Disadvantages of silicon anode：

• Poor cycle performance: the volume expands after lithium intercalation, graphite has no obvious volume expansion after lithium ion intercalation, but the volume of silicon expands more than four times after lithium ion intercalation, and the battery is scrapped after many times of expansion and contraction.
• Poor conductivity: The low conductivity of silicon limits the full utilization of its capacity and the rate performance of silicon electrode materials; the volume change makes the contact between the active material and the conductive agent binder poor, and the conductivity decreases; the SEI film on the silicon surface is thick and uneven, affects the conductivity and the overall specific energy of the battery.

Battery companies are actively applying silicon-carbon anodes, which is the development direction of silicon-carbon anodes. Silicon-carbon anodes are currently mainly used in cylindrical batteries. In the high-capacity battery solutions of power battery manufacturers such as CATL, LISHEN, GOTION, and PRIDE, silicon-carbon anodes have clearly developed direction.

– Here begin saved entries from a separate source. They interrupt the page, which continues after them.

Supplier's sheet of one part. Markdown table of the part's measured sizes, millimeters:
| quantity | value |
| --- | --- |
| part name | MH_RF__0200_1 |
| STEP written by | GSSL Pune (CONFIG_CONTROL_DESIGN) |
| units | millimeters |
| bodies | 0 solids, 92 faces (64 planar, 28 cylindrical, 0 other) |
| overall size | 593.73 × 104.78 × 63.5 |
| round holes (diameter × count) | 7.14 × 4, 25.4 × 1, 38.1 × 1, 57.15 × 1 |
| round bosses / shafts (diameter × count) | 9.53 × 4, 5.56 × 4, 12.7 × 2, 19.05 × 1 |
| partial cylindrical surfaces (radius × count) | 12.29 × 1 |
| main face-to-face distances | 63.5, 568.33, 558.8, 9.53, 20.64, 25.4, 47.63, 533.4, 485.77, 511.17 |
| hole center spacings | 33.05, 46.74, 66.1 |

Acceleration of R&D and production of silicon-carbon anodes: foreign silicon-carbon industrialization is relatively leading, and Chinese manufacturers are actively catching up. At present, China’s  anode manufacturers have increased their investment in silicon-carbon anodes, and BTR, SHANSHAN, GOTION, and ZET can achieve mass production. And, the BTR silicon carbon anode supplies Panasonic power batteries and enters the Tesla supply chain. Some battery companies such as CATL, BYD, GOTION, BAK and LISHEN are actively deploying silicon carbon materials.

Silicon carbon batteries are an inevitable trend in the development of high energy density. With the overcoming of technical bottlenecks and the improvement of end customer acceptance, silicon carbon will reduce costs and achieve mass production. CNCET predicts that the production and consumption of silicon-carbon anode materials in China will reach 60,000 tons in 2023, and the future market prospect of silicon-carbon anodes is huge.